We were told that a sponge bath was perfectly fine for a toddler but they’ve never met a child as willing and able to become perfectly filthy in the course of a normal day as JuggerBaby. Besides, we’re softies – bathtime is zir favorite time, it didn’t seem like too much to ask to wrap it tightly in a towel, then wrap it with a plastic bag, then tie it off with a tight but not too tight rubber band so that ze could enjoy 15 minutes of Splash Zone every night.
We learned how to hold zir still for x-rays: gentle coaxing to imitate our hand placement, stickers to look at while positioning hands, reminding zir that it’s just a special kind of picture. It helps that ze and PiC have a habit of taking pictures together everywhere they go.

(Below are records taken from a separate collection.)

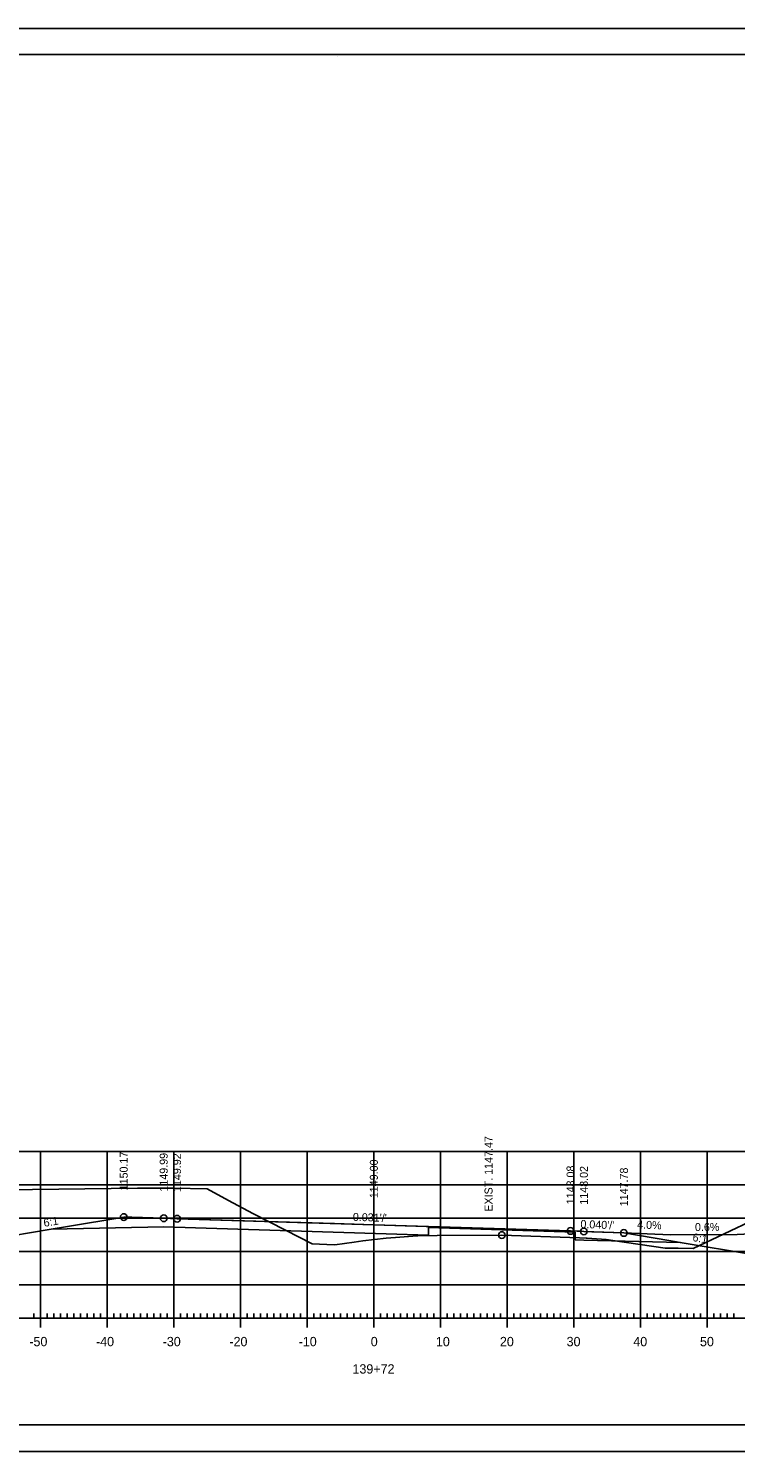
# Model space of a CAD drawing. Extents: x 1322838 to 1324533, y 339903 to 351025.
# Drawn here: x 1324156.2 to 1324262.2, y 342490.3 to 342703.6 of the extents above; entities that cross this region are included whole.
import ezdxf

# ---------------------------------------------------------------- set-up
doc = ezdxf.new("R2010")
doc.units = 0
for name, color, linetype in [('R_Alt Surface', 7, 'Continuous'), ('R_Axis', 7, 'Continuous'), ('R_Axis Annot', 7, 'Continuous'), ('R_Border', 7, 'Continuous'), ('R_Drive', 7, 'Continuous'), ('R_Exist Surface', 7, 'Continuous'), ('R_Fin Surface', 7, 'Continuous'), ('R_Fin Surface Annot', 7, 'Continuous'), ('R_Grid', 7, 'Continuous'), ('R_No Plot', 7, 'Continuous'), ('R_Xsect Elev', 7, 'Continuous')]:
    doc.layers.add(name, color=color, linetype=linetype)

msp = doc.modelspace()

# ---------------------------------------------------------------- linework, layer by layer
at = {"layer": 'R_Alt Surface'}
msp.add_lwpolyline([(1324159.55, 342523.6), (1324176.45, 342523.94), (1324216.15, 342522.7), (1324216.16, 342523.83), (1324238.15, 342523.14), (1324238.16, 342522.01), (1324239.46, 342521.97), (1324253.92, 342521.62)], dxfattribs=at)
at = {"layer": 'R_Axis'}
for p, q in [((1324157.96, 342508.85), (1324157.96, 342511.65)), ((1324167.96, 342508.85), (1324167.96, 342511.65)), ((1324177.96, 342508.85), (1324177.96, 342511.65)), ((1324187.96, 342508.85), (1324187.96, 342511.65)), ((1324197.96, 342508.85), (1324197.96, 342511.65)), ((1324207.96, 342508.85), (1324207.96, 342511.65)), ((1324217.96, 342508.85), (1324217.96, 342511.65)), ((1324227.96, 342508.85), (1324227.96, 342511.65)), ((1324237.96, 342508.85), (1324237.96, 342511.65)), ((1324247.96, 342508.85), (1324247.96, 342511.65)), ((1324257.96, 342508.85), (1324257.96, 342511.65)), ((1324067.96, 342510.25), (1324347.96, 342510.25)), ((1324156.96, 342510.25), (1324156.96, 342510.95)), ((1324158.96, 342510.25), (1324158.96, 342510.95)), ((1324159.96, 342510.25), (1324159.96, 342510.95)), ((1324160.96, 342510.25), (1324160.96, 342510.95)), ((1324161.96, 342510.25), (1324161.96, 342510.95)), ((1324162.96, 342510.25), (1324162.96, 342510.95)), ((1324163.96, 342510.25), (1324163.96, 342510.95)), ((1324164.96, 342510.25), (1324164.96, 342510.95)), ((1324165.96, 342510.25), (1324165.96, 342510.95)), ((1324166.96, 342510.25), (1324166.96, 342510.95)), ((1324168.96, 342510.25), (1324168.96, 342510.95)), ((1324169.96, 342510.25), (1324169.96, 342510.95)), ((1324170.96, 342510.25), (1324170.96, 342510.95)), ((1324171.96, 342510.25), (1324171.96, 342510.95)), ((1324172.96, 342510.25), (1324172.96, 342510.95)), ((1324173.96, 342510.25), (1324173.96, 342510.95)), ((1324174.96, 342510.25), (1324174.96, 342510.95)), ((1324175.96, 342510.25), (1324175.96, 342510.95)), ((1324176.96, 342510.25), (1324176.96, 342510.95)), ((1324178.96, 342510.25), (1324178.96, 342510.95)), ((1324179.96, 342510.25), (1324179.96, 342510.95)), ((1324180.96, 342510.25), (1324180.96, 342510.95)), ((1324181.96, 342510.25), (1324181.96, 342510.95)), ((1324182.96, 342510.25), (1324182.96, 342510.95)), ((1324183.96, 342510.25), (1324183.96, 342510.95)), ((1324184.96, 342510.25), (1324184.96, 342510.95)), ((1324185.96, 342510.25), (1324185.96, 342510.95)), ((1324186.96, 342510.25), (1324186.96, 342510.95)), ((1324188.96, 342510.25), (1324188.96, 342510.95)), ((1324189.96, 342510.25), (1324189.96, 342510.95)), ((1324190.96, 342510.25), (1324190.96, 342510.95)), ((1324191.96, 342510.25), (1324191.96, 342510.95)), ((1324192.96, 342510.25), (1324192.96, 342510.95)), ((1324193.96, 342510.25), (1324193.96, 342510.95)), ((1324194.96, 342510.25), (1324194.96, 342510.95)), ((1324195.96, 342510.25), (1324195.96, 342510.95)), ((1324196.96, 342510.25), (1324196.96, 342510.95)), ((1324198.96, 342510.25), (1324198.96, 342510.95)), ((1324199.96, 342510.25), (1324199.96, 342510.95)), ((1324200.96, 342510.25), (1324200.96, 342510.95)), ((1324201.96, 342510.25), (1324201.96, 342510.95)), ((1324202.96, 342510.25), (1324202.96, 342510.95)), ((1324203.96, 342510.25), (1324203.96, 342510.95)), ((1324204.96, 342510.25), (1324204.96, 342510.95)), ((1324205.96, 342510.25), (1324205.96, 342510.95)), ((1324206.96, 342510.25), (1324206.96, 342510.95)), ((1324208.96, 342510.25), (1324208.96, 342510.95)), ((1324209.96, 342510.25), (1324209.96, 342510.95)), ((1324210.96, 342510.25), (1324210.96, 342510.95)), ((1324211.96, 342510.25), (1324211.96, 342510.95)), ((1324212.96, 342510.25), (1324212.96, 342510.95)), ((1324213.96, 342510.25), (1324213.96, 342510.95)), ((1324214.96, 342510.25), (1324214.96, 342510.95)), ((1324215.96, 342510.25), (1324215.96, 342510.95)), ((1324216.96, 342510.25), (1324216.96, 342510.95)), ((1324218.96, 342510.25), (1324218.96, 342510.95)), ((1324219.96, 342510.25), (1324219.96, 342510.95)), ((1324220.96, 342510.25), (1324220.96, 342510.95)), ((1324221.96, 342510.25), (1324221.96, 342510.95)), ((1324222.96, 342510.25), (1324222.96, 342510.95)), ((1324223.96, 342510.25), (1324223.96, 342510.95)), ((1324224.96, 342510.25), (1324224.96, 342510.95)), ((1324225.96, 342510.25), (1324225.96, 342510.95)), ((1324226.96, 342510.25), (1324226.96, 342510.95)), ((1324228.96, 342510.25), (1324228.96, 342510.95)), ((1324229.96, 342510.25), (1324229.96, 342510.95)), ((1324230.96, 342510.25), (1324230.96, 342510.95)), ((1324231.96, 342510.25), (1324231.96, 342510.95)), ((1324232.96, 342510.25), (1324232.96, 342510.95)), ((1324233.96, 342510.25), (1324233.96, 342510.95)), ((1324234.96, 342510.25), (1324234.96, 342510.95)), ((1324235.96, 342510.25), (1324235.96, 342510.95)), ((1324236.96, 342510.25), (1324236.96, 342510.95)), ((1324238.96, 342510.25), (1324238.96, 342510.95)), ((1324239.96, 342510.25), (1324239.96, 342510.95)), ((1324240.96, 342510.25), (1324240.96, 342510.95)), ((1324241.96, 342510.25), (1324241.96, 342510.95)), ((1324242.96, 342510.25), (1324242.96, 342510.95)), ((1324243.96, 342510.25), (1324243.96, 342510.95)), ((1324244.96, 342510.25), (1324244.96, 342510.95)), ((1324245.96, 342510.25), (1324245.96, 342510.95)), ((1324246.96, 342510.25), (1324246.96, 342510.95)), ((1324248.96, 342510.25), (1324248.96, 342510.95)), ((1324249.96, 342510.25), (1324249.96, 342510.95)), ((1324250.96, 342510.25), (1324250.96, 342510.95)), ((1324251.96, 342510.25), (1324251.96, 342510.95)), ((1324252.96, 342510.25), (1324252.96, 342510.95)), ((1324253.96, 342510.25), (1324253.96, 342510.95)), ((1324254.96, 342510.25), (1324254.96, 342510.95)), ((1324255.96, 342510.25), (1324255.96, 342510.95)), ((1324256.96, 342510.25), (1324256.96, 342510.95)), ((1324258.96, 342510.25), (1324258.96, 342510.95)), ((1324259.96, 342510.25), (1324259.96, 342510.95)), ((1324260.96, 342510.25), (1324260.96, 342510.95)), ((1324261.96, 342510.25), (1324261.96, 342510.95))]:
    msp.add_line(p, q, dxfattribs=at)
at = {"layer": 'R_Border'}
for p, q in [((1324049.96, 342699.71), (1324366.14, 342699.71)), ((1324202.48, 342699.45), (1324202.48, 342699.45)), ((1324202.48, 342699.45), (1324202.48, 342699.45)), ((1324366.14, 342494.25), (1324049.96, 342494.25))]:
    msp.add_line(p, q, dxfattribs=at)
at = {"layer": 'R_Drive'}
msp.add_line((1324245.46, 342523.03), (1324252.45, 342522.75), dxfattribs=at)
msp.add_lwpolyline([(1324252.45, 342522.75), (1324262.45, 342522.8), (1324272.44, 342523.32), (1324277.43, 342523.58)], dxfattribs=at)
at = {"layer": 'R_Exist Surface'}
msp.add_lwpolyline([(1324137.02, 342529.32), (1324172.54, 342529.76), (1324177.9, 342529.73), (1324182.95, 342529.65), (1324186.15, 342527.92), (1324189.82, 342525.94), (1324194.69, 342523.46), (1324198.71, 342521.38), (1324200.91, 342521.3), (1324202.13, 342521.25), (1324205.03, 342521.66), (1324206.31, 342521.84), (1324209.79, 342522.23), (1324211.22, 342522.37), (1324213.81, 342522.55), (1324214.55, 342522.61), (1324217.47, 342522.64), (1324227.16, 342522.72), (1324238.8, 342522.3), (1324239.78, 342522.26), (1324239.96, 342522.25), (1324242.82, 342522.04), (1324243.78, 342521.89), (1324251.63, 342520.74), (1324253.6, 342520.73), (1324255.86, 342520.7), (1324265.13, 342525.08)], dxfattribs=at)
at = {"layer": 'R_Fin Surface'}
for points in [[(1324150.67, 342522.12), (1324159.55, 342523.6), (1324161.74, 342523.97), (1324170.45, 342525.42), (1324171.65, 342525.38), (1324176.45, 342525.23), (1324178.05, 342525.18), (1324178.45, 342525.17), (1324202.05, 342524.44), (1324207.96, 342524.25), (1324231.56, 342523.52), (1324237.46, 342523.33), (1324239.06, 342523.28), (1324239.46, 342523.27), (1324240.65, 342523.22), (1324245.46, 342523.03), (1324252.21, 342521.9), (1324253.92, 342521.62), (1324264.76, 342519.81), (1324267.46, 342519.36), (1324281.47, 342524.03), (1324285.01, 342525.21)], [(1324170.45, 342525.42), (1324176.45, 342525.23), (1324178.45, 342525.17), (1324207.96, 342524.25), (1324237.46, 342523.33), (1324239.46, 342523.27), (1324245.46, 342523.03)]]:
    msp.add_lwpolyline(points, dxfattribs=at)
at = {"layer": 'R_Grid'}
for p, q in [((1324067.96, 342535.25), (1324347.96, 342535.25)), ((1324157.96, 342510.25), (1324157.96, 342535.25)), ((1324167.96, 342510.25), (1324167.96, 342535.25)), ((1324177.96, 342510.25), (1324177.96, 342535.25)), ((1324187.96, 342510.25), (1324187.96, 342535.25)), ((1324197.96, 342510.25), (1324197.96, 342535.25)), ((1324207.96, 342510.25), (1324207.96, 342535.25)), ((1324217.96, 342510.25), (1324217.96, 342535.25)), ((1324227.96, 342510.25), (1324227.96, 342535.25)), ((1324237.96, 342510.25), (1324237.96, 342535.25)), ((1324247.96, 342510.25), (1324247.96, 342535.25)), ((1324257.96, 342510.25), (1324257.96, 342535.25)), ((1324067.96, 342530.25), (1324347.96, 342530.25)), ((1324067.96, 342525.25), (1324347.96, 342525.25)), ((1324067.96, 342520.25), (1324347.96, 342520.25)), ((1324067.96, 342515.25), (1324347.96, 342515.25)), ((1324067.96, 342510.25), (1324347.96, 342510.25))]:
    msp.add_line(p, q, dxfattribs=at)
at = {"layer": 'R_No Plot'}
for p, q in [((1324037.55, 342703.6), (1324370.89, 342703.6)), ((1324037.55, 342490.27), (1324370.89, 342490.27))]:
    msp.add_line(p, q, dxfattribs=at)
for points in [[(1324037.55, 342703.6), (1324370.89, 342703.6), (1324370.89, 342490.27), (1324037.55, 342490.27)], [(1324283.88, 342699.71), (1324303.5, 342699.71), (1324303.5, 342689.83), (1324319.61, 342689.83), (1324342.81, 342689.83), (1324342.93, 342661.67), (1324366.14, 342661.67), (1324366.14, 342494.25), (1324049.96, 342494.25), (1324049.96, 342699.71)]]:
    msp.add_lwpolyline(points, close=True, dxfattribs=at)
for centre in [(1324170.45, 342525.42), (1324176.45, 342525.23), (1324178.45, 342525.17), (1324227.16, 342522.72), (1324237.46, 342523.33), (1324239.46, 342523.27), (1324245.46, 342523.03)]:
    msp.add_circle(centre, 0.5, dxfattribs=at)

# ---------------------------------------------------------------- texts
at = {"layer": 'R_Axis Annot'}
for s, p in [('-50', (1324156.3, 342506.05)), ('-40', (1324166.3, 342506.05)), ('-30', (1324176.3, 342506.05)), ('-20', (1324186.3, 342506.05)), ('-10', (1324196.69, 342506.05)), ('0', (1324207.5, 342506.05)), ('10', (1324217.27, 342506.05)), ('20', (1324226.87, 342506.05)), ('30', (1324236.87, 342506.05)), ('40', (1324246.87, 342506.05)), ('50', (1324256.87, 342506.05)), ('139+72', (1324204.76, 342501.95))]:
    msp.add_text(s, height=1.4, dxfattribs=at).set_placement(p)
at = {"layer": 'R_Drive'}
for s, rotation, p in [('4.0% ', 357.7093, (1324247.43, 342523.71)), ('0.6% ', 0.3393, (1324256.12, 342523.32))]:
    msp.add_text(s, height=1.2, rotation=rotation, dxfattribs=at).set_placement(p)
at = {"layer": 'R_Fin Surface Annot'}
for s, rotation, p in [('1150.17', 90, (1324171.05, 342529.42)), ('1149.99', 90, (1324177.05, 342529.23)), ('1149.92', 90, (1324179.05, 342529.17)), ('1149.00', 90, (1324208.56, 342528.25)), ('1148.08', 90, (1324238.06, 342527.33)), ('1148.02', 90, (1324240.06, 342527.27)), ('1147.78', 90, (1324246.06, 342527.03)), ('6:1', 9.4615, (1324158.53, 342523.94)), ("0.031'/'", 358.2099, (1324204.8, 342524.85)), ("0.040'/'", 357.7093, (1324238.92, 342523.79)), ('6:1', 350.5369, (1324255.69, 342521.83))]:
    msp.add_text(s, height=1.2, rotation=rotation, dxfattribs=at).set_placement(p)
at = {"layer": 'R_Xsect Elev'}
msp.add_text('EXIST. 1147.47', height=1.2, rotation=90, dxfattribs=at).set_placement((1324225.76, 342526.22))

doc.saveas('drawing.dxf')

The post-cast limb smells TERRIBLE. It was awful, I nearly went overboard swabbing zir arm with alcohol swabs to remove the stench. The cast technician reminded me that the skin was still delicate before I gave zir another problem to heal from. Whew. Also the cast removal was full of bawling and screaming but it was physically painless for zir, and relatively fast.
Kaiser Pediatric is awesome about getting kids in and out of their appointments quickly and smoothly, they have an abundance of bribery stickers, and what could have been a much more painful experience was made as easy as possible. I’ve never been so happy to have an HMO.
Random people are full of sympathy for a kid with a cast on. They stop and tell you funny stories about the foul things they did when they had a cast, and commiserate with the child who fails to milk the sympathy situation.
:: Have you ever broken a limb or had a cast? What’s the worst injury you’ve had to deal with (either yourself or someone you cared for)?
December 21, 2016
2016 was terrible for unplanned expenses, to the tune of $20,000, and I soothed myself with hopes for recouping losses and building wealth in 2017.
Now? I’m twitchy.
We only have the one FSA account between us since my company discontinued theirs so our family is only eligible for $2600 in tax-free medical expenses each year. This is usually not a problem. We can manage my therapy-massages, medications, and their odds and ends of medical supplies or visits well under that amount but this year we are looking at another set of unusual expenses and I’m antsy.
Usually I don’t stress (much) about unusual one-time expenses, but we’ve had them three years in a row now and that constitutes a pattern for which I have to budget.
In 2014, we got pregnant and traveled internationally. The former was unplanned insofar as you can’t ever know when or if you’re going to be able to conceive, the latter was planned without the kind of notice I prefer for a big trip (2 years because I’m a Type A planner) so it felt unplanned.
In 2015, I paid legal fees to organize our estate and trust (which only took a YEAR to complete), and I started my life insurance policy. Total, $6000 over budget.
In 2016, tax issues, car problems, and something else I can’t remember right this second racked up $20,000 in bills and losses.
Now we’re looking at a very expensive procedure for PiC, and a TBD amount for my teeth that are being diagnosed with something potentially serious. The bill for PiC lands in 2016, thus continuing the “2016 is not awesome for my country and my finances” theme, while my dental mystery won’t be diagnosed until January.
None of this, the bills or the realization, does an iota to induce the good holiday cheer I was determined to ring the new year in with.
I had been considering some orthodontia for a couple of teeth that are misaligned and bothering me, but with these expenses, that’ll have to wait.
I’m trying hard not to be pessimistic about it all but these super-sized expenses turned me into Grumpy. Even while I’m working hard at reducing our everyday expenses, and generated extra income, that savings is just being eaten up and therefore isn’t savings at all! And that’s intensely frustrating.
:: Have you had any trouble with unexpected medical expenses lately?